Поглодав еще минут пять нервные органы и военный билет Бормотухина, околоточные «сделали ручкой» и «под козырек». И честь, разумеется, отдали.
Буквально метров через десять, когда Бормотухин попрощался с товарищем и совсем уж настроился на вечернюю тренировку в футбольном стиле, его настойчиво пригласили в отечественную машину с чорными стеклами. Там трое вполне себе штатских, интеллигентных, но немножко свирепого вида людей с приятным запахом и загадочными удостоверениями задавали ему нервические вопросы – учитесь ли вы что ли, имеете ли партийную принадлежность, почему вы поджигаете свечи из народного магазина Ikea на морозе и по какой линии осуществляли нынешнюю акцию? Наконец, неудобно раскланявшись в тесном авто, они отпустили Бормотухина, напутственно пригрозив пальцами и бровями.
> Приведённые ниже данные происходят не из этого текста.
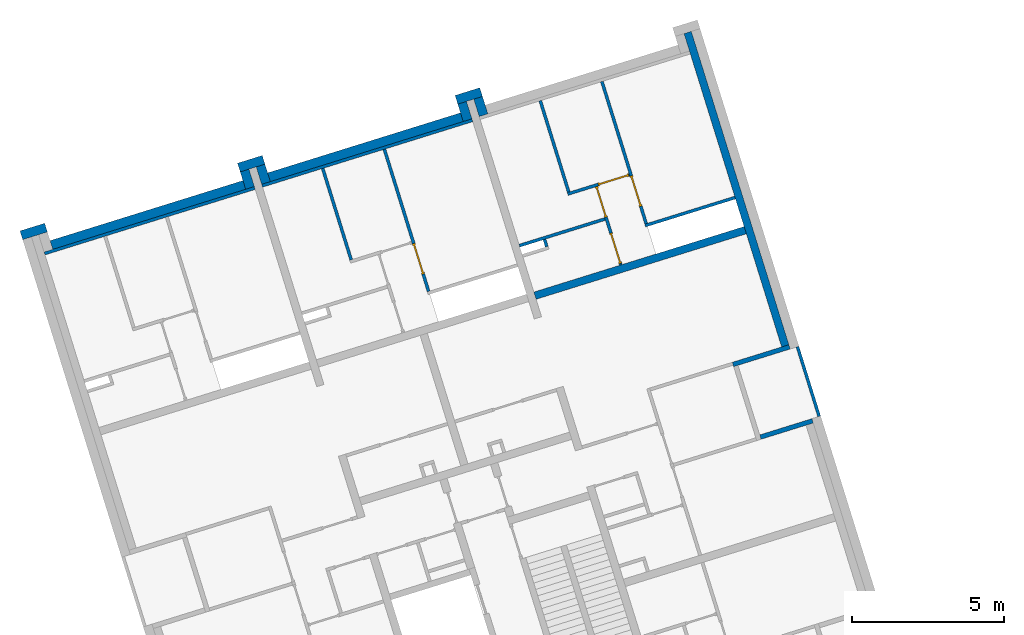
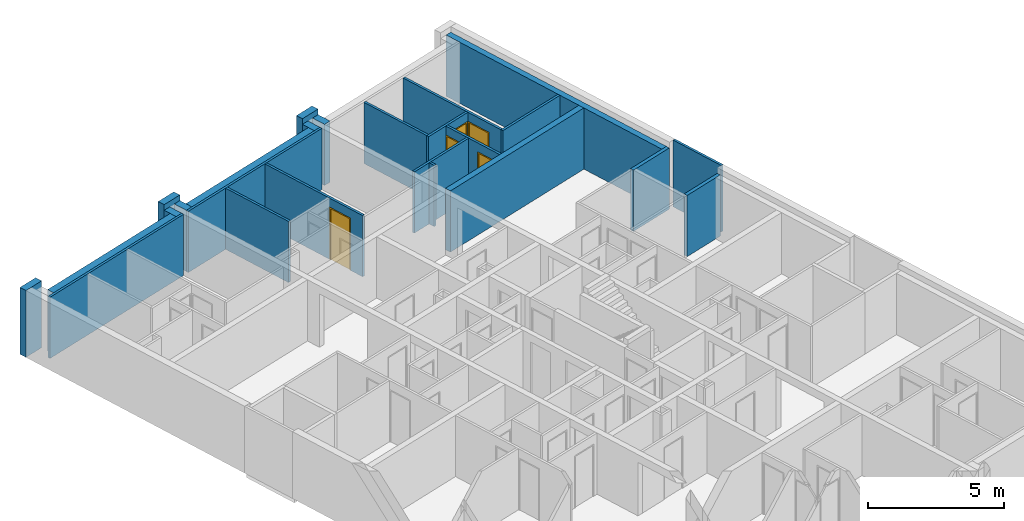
# One storey, part 9 of 12: 25 walls, 5 doors, 9 openings.
"""IFC4 building model written with IfcOpenShell, lengths in metres."""

from ifc_helpers import new_model, entity, si_unit, converted_unit, direction, frame, origin, place, context, subcontext, project, spatial, indexed_curve, outline, extrude, polygons, source, transform, mapped, material, constituent, constituent_set, type_object, element, fill, save


model = new_model("IFC4")

# Units and contexts
model_context = context("Model", 3, precision=1e-05, world=origin(), true_north=direction((6.12323399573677e-17, 1.0)))
body_context = subcontext(model_context, "Body", "Model", "MODEL_VIEW")
ifc_project = project(units=[si_unit("LENGTHUNIT", "METRE"), si_unit("AREAUNIT", "SQUARE_METRE"), si_unit("VOLUMEUNIT", "CUBIC_METRE"), converted_unit("PLANEANGLEUNIT", "DEGREE", entity("IfcPlaneAngleMeasure", 0.0174532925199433), si_unit("PLANEANGLEUNIT", "RADIAN"), dimensions=[0, 0, 0, 0, 0, 0, 0])], contexts=[model_context])

# Site, building, storey
site_placement = place(None, frame((13.1347999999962, 11.9886000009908, 0.0), z_axis=(0.0, 0.0, 1.0), x_axis=(0.954770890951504, 0.297342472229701, 0.0)))
site = spatial("IfcSite", under=ifc_project, at=site_placement, Name="Schiehaven", CompositionType="ELEMENT")
building_placement = place(site_placement, origin())
building = spatial("IfcBuilding", under=site, at=building_placement, Name="VORM huis", CompositionType="ELEMENT")
storey_placement = place(building_placement, frame((0.0, 0.0, 3.9)))
storey = spatial("IfcBuildingStorey", under=building, at=storey_placement, Name="01 eerste verdieping", CompositionType="ELEMENT", Elevation=3.9)

# Walls
ifc_material_1 = material(Name="beton_gewapend_ihw", Category="Miscellaneous")
wall_type_1 = type_object("IfcWallType", Name="Basic Wall:28_WA_skelet_wand 250mm_gen", PredefinedType="STANDARD")
wall_1_placement = place(storey_placement, frame((27.5000000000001, 22.9249999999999, 0.0), z_axis=(0.0, 0.0, 1.0), x_axis=(0.0, 1.0, 0.0)))
element("IfcWall", 1, at=wall_1_placement, inside=storey, type_object=wall_type_1, material=ifc_material_1, Name="Constructieve wand", ObjectType="Wand", PredefinedType="NOTDEFINED", context=body_context, shape_type="SweptSolid", body=[
    extrude(outline(indexed_curve([(10.8000000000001, 0.125000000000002), (1.00265474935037e-16, 0.125000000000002), (-1.00265474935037e-16, -0.125000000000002), (10.8000000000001, -0.125000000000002), (10.8000000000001, 0.125000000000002)], self_intersect=False)), origin(), (0.0, 0.0, 1.0), 2.75),
])
ifc_material_2 = material(Name="ntb_ntb_ntb", Category="Miscellaneous")
wall_type_2 = type_object("IfcWallType", Name="Basic Wall:21_WA_gevel_binnenspouwwand 100mm_gen", PredefinedType="STANDARD")
wall_2_placement = place(storey_placement, frame((5.12500000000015, 33.0750000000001, 0.0)))
element("IfcWall", 2, at=wall_2_placement, inside=storey, type_object=wall_type_2, material=ifc_material_2, Name="Binnenspouwblad", ObjectType="Wand", PredefinedType="NOTDEFINED", context=body_context, shape_type="SweptSolid", body=[
    extrude(outline(indexed_curve([(7.24999999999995, 0.0499999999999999), (-1.37255262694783e-16, 0.0500000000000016), (1.37255262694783e-16, -0.0500000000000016), (7.24999999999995, -0.0500000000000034), (7.24999999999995, 0.0499999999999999)], self_intersect=False)), origin(), (0.0, 0.0, 1.0), 2.75),
])
wall_3_placement = place(storey_placement, frame((19.8750000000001, 33.075, 0.0), z_axis=(0.0, 0.0, 1.0), x_axis=(-1.0, 0.0, 0.0)))
element("IfcWall", 3, at=wall_3_placement, inside=storey, type_object=wall_type_2, material=ifc_material_2, Name="Binnenspouwblad", ObjectType="Wand", PredefinedType="NOTDEFINED", context=body_context, shape_type="SweptSolid", body=[
    extrude(outline(indexed_curve([(7.24999999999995, 0.0500000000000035), (1.69379877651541e-17, 0.0500000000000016), (-1.69379877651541e-17, -0.0500000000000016), (7.24999999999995, -0.0499999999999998), (7.24999999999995, 0.0500000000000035)], self_intersect=False)), origin(), (0.0, 0.0, 1.0), 2.75),
])
wall_type_3 = type_object("IfcWallType", Name="Basic Wall: 300mm_gen", PredefinedType="STANDARD")
wall_4_placement = place(storey_placement, frame((5.42500000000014, 33.8750000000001, 0.0), z_axis=(0.0, 0.0, 1.0), x_axis=(-1.0, 0.0, 0.0)))
element("IfcWall", 4, at=wall_4_placement, inside=storey, type_object=wall_type_3, material=ifc_material_2, Name="Gevelwand", ObjectType="Wand", PredefinedType="NOTDEFINED", context=body_context, shape_type="SweptSolid", body=[
    extrude(outline(indexed_curve([(0.85000000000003, 0.150000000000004), (4.24655718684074e-16, 0.150000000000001), (-4.24655718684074e-16, -0.150000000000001), (0.850000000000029, -0.149999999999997), (0.85000000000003, 0.150000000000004)], self_intersect=False)), origin(), (0.0, 0.0, 1.0), 3.0),
])
wall_5_placement = place(storey_placement, frame((12.2250000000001, 33.725, 0.0), z_axis=(0.0, 0.0, 1.0), x_axis=(0.0, -1.0, 0.0)))
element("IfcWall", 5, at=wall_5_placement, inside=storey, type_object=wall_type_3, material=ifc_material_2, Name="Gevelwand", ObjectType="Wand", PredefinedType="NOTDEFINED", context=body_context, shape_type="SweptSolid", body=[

После вечерней тренировки Бормотухин выпил грамм 250 водки в честь дня святой Татьяны, рассказал спортивным коллегам пару анекдотов во славу МГУ, Ломоносова и факультета типа мехмат, а потом удрученно вспомнил в мозгу еврейского лирика Бродского, подергал волосы, растущие из головы и процитировал внутри себя: «Чем больше перемен, тем больше все по-прежнему».